Nothing but a number should be given: how many lines of the records include "units"?

DATA FOR THE TASK START

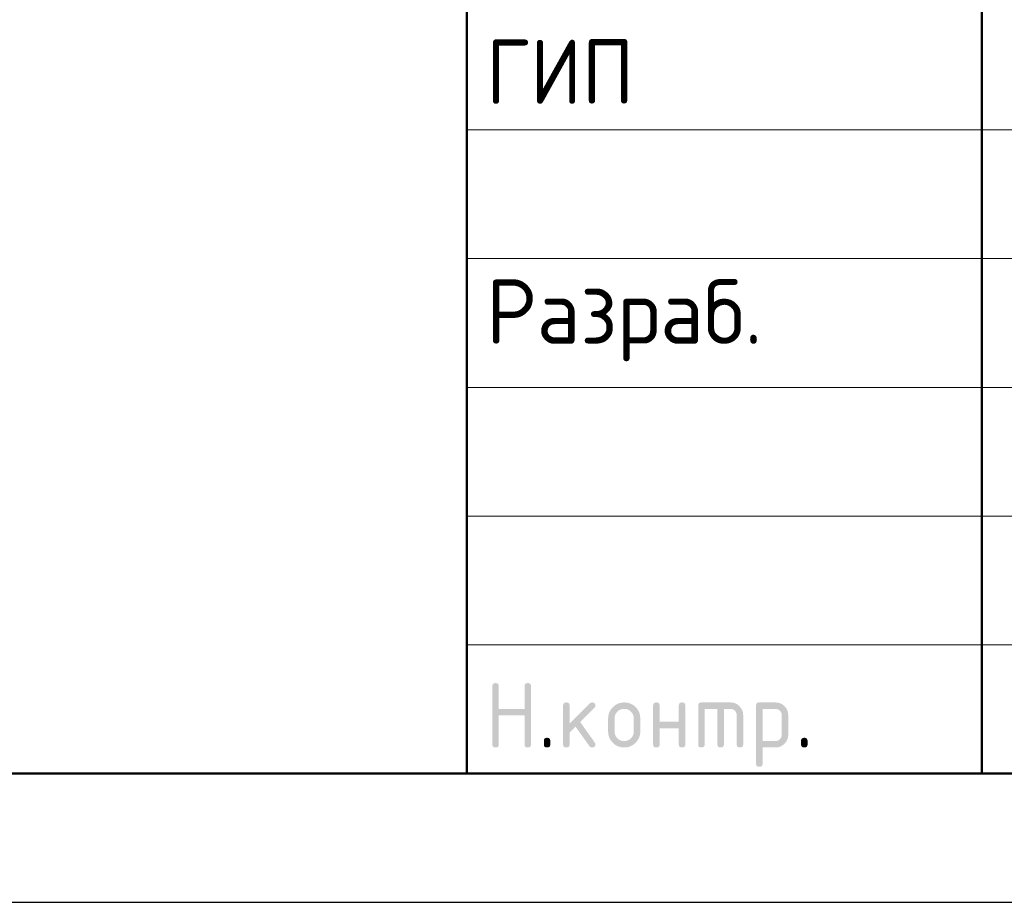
# Model space of a CAD drawing. Header units: millimetres. Extents: x 0 to 59400, y 0 to 42000.
# Tile 22 of 37: x 38663 to 42488, y 0 to 3428. Entities that reach past the tile are written whole.
import ezdxf

# ---------------------------------------------------------------- set-up
doc = ezdxf.new("R2010")
doc.units = ezdxf.units.MM
doc.layers.add('Standard', color=7, linetype='Continuous', lineweight=25)
doc.styles.add('ISOCPEUR', font='txt')

msp = doc.modelspace()

# ---------------------------------------------------------------- hatches: boundary and pattern name
at = {"layer": 'Standard', "linetype": 'Continuous', "lineweight": 25, "transparency": 33554687}
for points in [[(40499.1, 613.8), (40499.1, 838.8), (40499.1, 840.4), (40499.3, 841.7), (40499.5, 843.1), (40499.9, 844.3), (40500.3, 845.4), (40500.8, 846.4), (40501.4, 847.4), (40502.2, 848.2), (40503, 848.9), (40504, 849.5), (40504.9, 850.1), (40506.1, 850.5), (40507.3, 850.9), (40508.7, 851.1), (40510, 851.3), (40511.6, 851.3), (40513.2, 851.3), (40514.5, 851.1), (40515.9, 850.9), (40517.1, 850.5), (40518.3, 850.1), (40519.2, 849.5), (40520.2, 848.9), (40521, 848.2), (40521.8, 847.4), (40522.4, 846.4), (40523, 845.4), (40523.3, 844.3), (40523.7, 843.1), (40523.9, 841.7), (40524.1, 840.4), (40524.1, 838.8), (40524.1, 751.3), (40623.9, 751.3), (40623.9, 838.8), (40623.9, 840.4), (40624, 841.7), (40624.2, 843.1), (40624.6, 844.3), (40625, 845.4), (40625.6, 846.4), (40626.2, 847.4), (40627, 848.2), (40627.8, 848.9), (40628.7, 849.5), (40629.7, 850.1), (40630.9, 850.5), (40632.1, 850.9), (40633.4, 851.1), (40634.8, 851.3), (40636.4, 851.3), (40637.9, 851.3), (40639.3, 851.1), (40640.7, 850.9), (40641.9, 850.5), (40643, 850.1), (40644, 849.5), (40645, 848.9), (40645.8, 848.2), (40646.5, 847.4), (40647.1, 846.4), (40647.7, 845.4), (40648.1, 844.3), (40648.5, 843.1), (40648.7, 841.7), (40648.9, 840.4), (40648.9, 838.8), (40648.9, 613.8), (40648.9, 612.2), (40648.7, 610.9), (40648.5, 609.5), (40648.1, 608.3), (40647.7, 607.1), (40647.1, 606.2), (40646.5, 605.2), (40645.8, 604.4), (40645, 603.6), (40644, 603), (40643, 602.5), (40641.9, 602.1), (40640.7, 601.7), (40639.3, 601.5), (40637.9, 601.3), (40636.4, 601.3), (40634.8, 601.3), (40633.4, 601.5), (40632.1, 601.7), (40630.9, 602.1), (40629.7, 602.5), (40628.7, 603), (40627.8, 603.6), (40627, 604.4), (40626.2, 605.2), (40625.6, 606.2), (40625, 607.1), (40624.6, 608.3), (40624.2, 609.5), (40624, 610.9), (40623.9, 612.2), (40623.9, 613.8), (40623.9, 726.3), (40524.1, 726.3), (40524.1, 613.8), (40524.1, 612.2), (40523.9, 610.9), (40523.7, 609.5), (40523.3, 608.3), (40523, 607.1), (40522.4, 606.2), (40521.8, 605.2), (40521, 604.4), (40520.2, 603.6), (40519.2, 603), (40518.3, 602.5), (40517.1, 602.1), (40515.9, 601.7), (40514.5, 601.5), (40513.2, 601.3), (40511.6, 601.3), (40510, 601.3), (40508.7, 601.5), (40507.3, 601.7), (40506.1, 602.1), (40504.9, 602.5), (40504, 603), (40503, 603.6), (40502.2, 604.4), (40501.4, 605.2), (40500.8, 606.2), (40500.3, 607.1), (40499.9, 608.3), (40499.5, 609.5), (40499.3, 610.9), (40499.1, 612.2)], [(40798.9, 694), (40877.5, 772.6), (40878.4, 773.4), (40879.4, 774.1), (40880.4, 774.8), (40881.5, 775.2), (40882.6, 775.7), (40883.9, 775.9), (40885.1, 776.1), (40886.4, 776.1), (40888, 776.1), (40889.3, 775.9), (40890.7, 775.8), (40891.9, 775.4), (40893, 775), (40894, 774.4), (40895, 773.8), (40895.8, 773), (40896.6, 772.2), (40897.1, 771.3), (40897.7, 770.3), (40898.1, 769.1), (40898.5, 767.9), (40898.7, 766.6), (40898.9, 765.2), (40898.9, 763.7), (40898.9, 762.4), (40898.7, 761.3), (40898.4, 760.1), (40898, 759), (40897.5, 757.9), (40896.8, 756.9), (40896.1, 755.9), (40895.1, 754.9), (40840.2, 700.1), (40896.4, 621), (40897.7, 619.3), (40898.3, 617.4), (40898.9, 615.6), (40898.9, 613.6), (40898.9, 612.1), (40898.7, 610.7), (40898.5, 609.4), (40898.1, 608.2), (40897.7, 607), (40897.1, 606.1), (40896.6, 605.1), (40895.8, 604.4), (40895, 603.6), (40894, 603), (40893, 602.4), (40891.9, 602.1), (40890.7, 601.7), (40889.3, 601.5), (40888, 601.3), (40886.4, 601.3), (40884.8, 601.3), (40883.3, 601.6), (40881.8, 601.9), (40880.5, 602.6), (40879.2, 603.3), (40878.1, 604.3), (40876.9, 605.3), (40876, 606.6), (40822.2, 682.1), (40798.9, 658.8), (40798.9, 613.8), (40798.9, 612.2), (40798.7, 610.9), (40798.5, 609.5), (40798.2, 608.3), (40797.8, 607.1), (40797.2, 606.2), (40796.6, 605.2), (40795.8, 604.4), (40795, 603.6), (40794.1, 603), (40793.1, 602.5), (40791.9, 602.1), (40790.7, 601.7), (40789.4, 601.5), (40788, 601.3), (40786.4, 601.3), (40784.9, 601.3), (40783.5, 601.5), (40782.1, 601.7), (40780.9, 602.1), (40779.8, 602.5), (40778.8, 603), (40777.8, 603.6), (40777, 604.4), (40776.2, 605.2), (40775.7, 606.2), (40775.1, 607.1), (40774.7, 608.3), (40774.3, 609.5), (40774.1, 610.8), (40773.9, 612.2), (40773.9, 613.8), (40773.9, 763.7), (40773.9, 765.2), (40774.1, 766.6), (40774.3, 767.9), (40774.7, 769.1), (40775.1, 770.3), (40775.7, 771.3), (40776.2, 772.2), (40777, 773), (40777.8, 773.8), (40778.8, 774.4), (40779.8, 775), (40780.9, 775.4), (40782.1, 775.8), (40783.5, 775.9), (40784.9, 776.1), (40786.4, 776.1), (40788, 776.1), (40789.4, 775.9), (40790.7, 775.8), (40791.9, 775.4), (40793.1, 775), (40794.1, 774.4), (40795, 773.8), (40795.8, 773), (40796.6, 772.2), (40797.2, 771.3), (40797.8, 770.3), (40798.2, 769.1), (40798.5, 767.9), (40798.7, 766.6), (40798.9, 765.2), (40798.9, 763.7)], [(41148.7, 676.2), (41148.7, 613.8), (41148.7, 612.2), (41148.5, 610.8), (41148.3, 609.5), (41147.9, 608.3), (41147.5, 607.1), (41146.9, 606.2), (41146.3, 605.2), (41145.5, 604.4), (41144.8, 603.6), (41143.8, 603), (41142.8, 602.5), (41141.6, 602.1), (41140.4, 601.7), (41139.1, 601.5), (41137.7, 601.3), (41136.1, 601.3), (41134.6, 601.3), (41133.2, 601.5), (41131.8, 601.7), (41130.7, 602.1), (41129.5, 602.5), (41128.5, 603), (41127.5, 603.6), (41126.7, 604.4), (41126, 605.2), (41125.4, 606.2), (41124.8, 607.1), (41124.4, 608.3), (41124, 609.5), (41123.8, 610.8), (41123.6, 612.2), (41123.6, 613.8), (41123.6, 763.7), (41123.6, 765.2), (41123.8, 766.6), (41124, 767.9), (41124.4, 769.1), (41124.8, 770.3), (41125.4, 771.3), (41126, 772.2), (41126.7, 773), (41127.5, 773.8), (41128.5, 774.4), (41129.5, 775), (41130.7, 775.4), (41131.8, 775.8), (41133.2, 775.9), (41134.6, 776.1), (41136.1, 776.1), (41137.7, 776.1), (41139.1, 775.9), (41140.4, 775.8), (41141.6, 775.4), (41142.8, 775), (41143.8, 774.4), (41144.8, 773.8), (41145.5, 773), (41146.3, 772.2), (41146.9, 771.3), (41147.5, 770.3), (41147.9, 769.1), (41148.3, 768), (41148.5, 766.6), (41148.7, 765.2), (41148.7, 763.7), (41148.7, 701.2), (41223.3, 701.2), (41223.3, 763.7), (41223.3, 765.2), (41223.5, 766.6), (41223.7, 768), (41224.1, 769.1), (41224.5, 770.3), (41225.1, 771.3), (41225.7, 772.2), (41226.5, 773), (41227.3, 773.8), (41228.2, 774.4), (41229.2, 775), (41230.4, 775.4), (41231.6, 775.8), (41232.9, 775.9), (41234.3, 776.1), (41235.9, 776.1), (41237.4, 776.1), (41238.8, 775.9), (41240.2, 775.8), (41241.3, 775.4), (41242.5, 775), (41243.5, 774.4), (41244.5, 773.8), (41245.3, 773), (41246, 772.2), (41246.6, 771.3), (41247.2, 770.3), (41247.6, 769.1), (41248, 767.9), (41248.2, 766.6), (41248.4, 765.2), (41248.4, 763.7), (41248.4, 613.8), (41248.4, 612.2), (41248.2, 610.8), (41248, 609.5), (41247.6, 608.3), (41247.2, 607.1), (41246.6, 606.2), (41246, 605.2), (41245.3, 604.4), (41244.5, 603.6), (41243.5, 603), (41242.5, 602.5), (41241.3, 602.1), (41240.2, 601.7), (41238.8, 601.5), (41237.4, 601.3), (41235.9, 601.3), (41234.3, 601.3), (41232.9, 601.5), (41231.6, 601.7), (41230.4, 602.1), (41229.2, 602.5), (41228.2, 603), (41227.3, 603.6), (41226.5, 604.4), (41225.7, 605.2), (41225.1, 606.2), (41224.5, 607.1), (41224.1, 608.3), (41223.7, 609.5), (41223.5, 610.8), (41223.3, 612.2), (41223.3, 613.8), (41223.3, 676.2)], [(41311, 776.1), (41423.4, 776.1), (41426, 776.1), (41428.5, 775.9), (41431, 775.7), (41433.4, 775.2), (41435.8, 774.8), (41438.1, 774.1), (41440.4, 773.4), (41442.6, 772.5), (41444.8, 771.6), (41447, 770.5), (41449.1, 769.3), (41451.1, 767.9), (41453.1, 766.6), (41455, 765), (41456.9, 763.4), (41458.8, 761.6), (41460.6, 759.8), (41462.2, 757.8), (41463.8, 755.9), (41465.1, 753.9), (41466.5, 751.9), (41467.6, 749.8), (41468.8, 747.7), (41469.7, 745.4), (41470.6, 743.2), (41471.3, 740.9), (41472, 738.6), (41472.4, 736.2), (41472.9, 733.8), (41473.1, 731.3), (41473.3, 728.8), (41473.3, 726.2), (41473.3, 613.8), (41473.3, 612.2), (41473.1, 610.8), (41472.9, 609.5), (41472.6, 608.3), (41472.2, 607.1), (41471.6, 606.2), (41471, 605.2), (41470.2, 604.4), (41469.4, 603.6), (41468.4, 603), (41467.5, 602.5), (41466.3, 602.1), (41465.1, 601.7), (41463.7, 601.5), (41462.4, 601.3), (41460.8, 601.3), (41459.3, 601.3), (41457.9, 601.5), (41456.5, 601.7), (41455.3, 602.1), (41454.2, 602.5), (41453.2, 603), (41452.2, 603.6), (41451.4, 604.4), (41450.6, 605.2), (41450.1, 606.2), (41449.5, 607.1), (41449.1, 608.3), (41448.7, 609.5), (41448.5, 610.8), (41448.3, 612.2), (41448.3, 613.8), (41448.3, 726.1), (41448.3, 728.8), (41447.8, 731.2), (41447.4, 733.7), (41446.5, 735.9), (41445.6, 738.1), (41444.3, 740.1), (41442.9, 742.1), (41441.1, 743.9), (41439.3, 745.7), (41437.3, 747.1), (41435.3, 748.4), (41433.1, 749.3), (41430.9, 750.2), (41428.4, 750.7), (41426, 751.1), (41423.4, 751.1), (41398.4, 751.1), (41398.4, 613.8), (41398.4, 612.2), (41398.2, 610.8), (41398, 609.5), (41397.7, 608.3), (41397.3, 607.1), (41396.7, 606.2), (41396.1, 605.2), (41395.3, 604.4), (41394.5, 603.6), (41393.5, 603), (41392.6, 602.5), (41391.4, 602.1), (41390.2, 601.7), (41388.8, 601.5), (41387.5, 601.3), (41385.9, 601.3), (41384.3, 601.3), (41383, 601.5), (41381.6, 601.7), (41380.4, 602.1), (41379.3, 602.5), (41378.3, 603), (41377.3, 603.6), (41376.5, 604.4), (41375.7, 605.2), (41375.1, 606.2), (41374.6, 607.1), (41374.2, 608.3), (41373.8, 609.5), (41373.6, 610.8), (41373.4, 612.2), (41373.4, 613.8), (41373.4, 751.1), (41323.5, 751.1), (41323.5, 613.8), (41323.5, 612.2), (41323.3, 610.8), (41323.1, 609.5), (41322.7, 608.3), (41322.4, 607.1), (41321.8, 606.2), (41321.2, 605.2), (41320.4, 604.4), (41319.6, 603.6), (41318.6, 603), (41317.7, 602.5), (41316.5, 602.1), (41315.3, 601.7), (41313.9, 601.5), (41312.6, 601.3), (41311, 601.3), (41309.4, 601.3), (41308.1, 601.5), (41306.7, 601.7), (41305.5, 602.1), (41304.3, 602.5), (41303.4, 603), (41302.4, 603.6), (41301.6, 604.4), (41300.8, 605.2), (41300.2, 606.2), (41299.6, 607.1), (41299.3, 608.3), (41298.9, 609.5), (41298.7, 610.8), (41298.5, 612.2), (41298.5, 613.8), (41298.5, 763.7), (41298.5, 765.2), (41298.7, 766.6), (41298.9, 767.9), (41299.3, 769.1), (41299.6, 770.3), (41300.2, 771.3), (41300.8, 772.2), (41301.6, 773), (41302.4, 773.8), (41303.4, 774.4), (41304.3, 775), (41305.5, 775.4), (41306.7, 775.8), (41308, 775.9), (41309.4, 776.1)], [(40699, 626.3), (40699, 627.9), (40699.2, 629.3), (40699.4, 630.6), (40699.8, 631.8), (40700.2, 633), (40700.8, 634), (40701.3, 634.9), (40702.1, 635.7), (40702.9, 636.5), (40703.9, 637.1), (40704.9, 637.7), (40706, 638.1), (40707.2, 638.5), (40708.6, 638.7), (40709.9, 638.9), (40711.5, 638.9), (40713.1, 638.9), (40714.4, 638.7), (40715.8, 638.5), (40717, 638.1), (40718.2, 637.7), (40719.1, 637.1), (40720.1, 636.5), (40720.9, 635.7), (40721.7, 634.9), (40722.3, 634), (40722.9, 633), (40723.2, 631.8), (40723.6, 630.6), (40723.8, 629.3), (40724, 627.9), (40724, 626.3), (40724, 613.8), (40724, 612.2), (40723.8, 610.9), (40723.6, 609.5), (40723.2, 608.3), (40722.9, 607.2), (40722.3, 606.2), (40721.7, 605.2), (40720.9, 604.4), (40720.1, 603.6), (40719.1, 603), (40718.2, 602.5), (40717, 602.1), (40715.8, 601.7), (40714.4, 601.5), (40713.1, 601.3), (40711.5, 601.3), (40709.9, 601.3), (40708.6, 601.5), (40707.2, 601.7), (40706, 602.1), (40704.9, 602.5), (40703.9, 603), (40702.9, 603.6), (40702.1, 604.4), (40701.3, 605.2), (40700.8, 606.2), (40700.2, 607.2), (40699.8, 608.3), (40699.4, 609.5), (40699.2, 610.9), (40699, 612.2), (40699, 613.8)], [(41698.3, 626.3), (41698.3, 627.9), (41698.5, 629.3), (41698.7, 630.6), (41699.1, 631.8), (41699.5, 633), (41700.1, 634), (41700.6, 634.9), (41701.4, 635.7), (41702.2, 636.5), (41703.2, 637.1), (41704.2, 637.7), (41705.3, 638.1), (41706.5, 638.5), (41707.9, 638.7), (41709.2, 638.9), (41710.8, 638.9), (41712.4, 638.9), (41713.8, 638.7), (41715.1, 638.5), (41716.3, 638.1), (41717.5, 637.7), (41718.4, 637.1), (41719.4, 636.5), (41720.2, 635.7), (41721, 634.9), (41721.6, 634), (41722.2, 633), (41722.6, 631.8), (41722.9, 630.6), (41723.1, 629.3), (41723.3, 627.9), (41723.3, 626.3), (41723.3, 613.8), (41723.3, 612.2), (41723.1, 610.9), (41722.9, 609.5), (41722.6, 608.3), (41722.2, 607.2), (41721.6, 606.2), (41721, 605.2), (41720.2, 604.4), (41719.4, 603.6), (41718.4, 603), (41717.5, 602.5), (41716.3, 602.1), (41715.1, 601.7), (41713.8, 601.5), (41712.4, 601.3), (41710.8, 601.3), (41709.2, 601.3), (41707.9, 601.5), (41706.5, 601.7), (41705.3, 602.1), (41704.2, 602.5), (41703.2, 603), (41702.2, 603.6), (41701.4, 604.4), (41700.6, 605.2), (41700.1, 606.2), (41699.5, 607.2), (41699.1, 608.3), (41698.7, 609.5), (41698.5, 610.9), (41698.3, 612.2), (41698.3, 613.8)]]:
    msp.add_hatch(color=7, dxfattribs=at).paths.add_polyline_path(points, flags=16)
h = msp.add_hatch(color=7, dxfattribs=at)
h.paths.add_polyline_path([(40948.8, 663.7), (40948.8, 713.7), (40948.8, 716.9), (40949, 720.1), (40949.3, 723.2), (40949.9, 726.2), (40950.5, 729.2), (40951.3, 732.1), (40952.2, 734.9), (40953.3, 737.7), (40954.5, 740.5), (40955.9, 743.1), (40957.3, 745.8), (40959, 748.3), (40960.7, 750.8), (40962.7, 753.2), (40964.7, 755.6), (40967, 757.9), (40969.3, 760.2), (40971.7, 762.2), (40974.1, 764.2), (40976.6, 765.9), (40979.1, 767.6), (40981.8, 769), (40984.4, 770.4), (40987.2, 771.6), (40989.9, 772.7), (40992.8, 773.6), (40995.7, 774.4), (40998.7, 775), (41001.7, 775.6), (41004.8, 775.9), (41007.9, 776.1), (41011.1, 776.1), (41014.4, 776.1), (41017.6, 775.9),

DATA FOR THE TASK END

[TASK RESULT] 2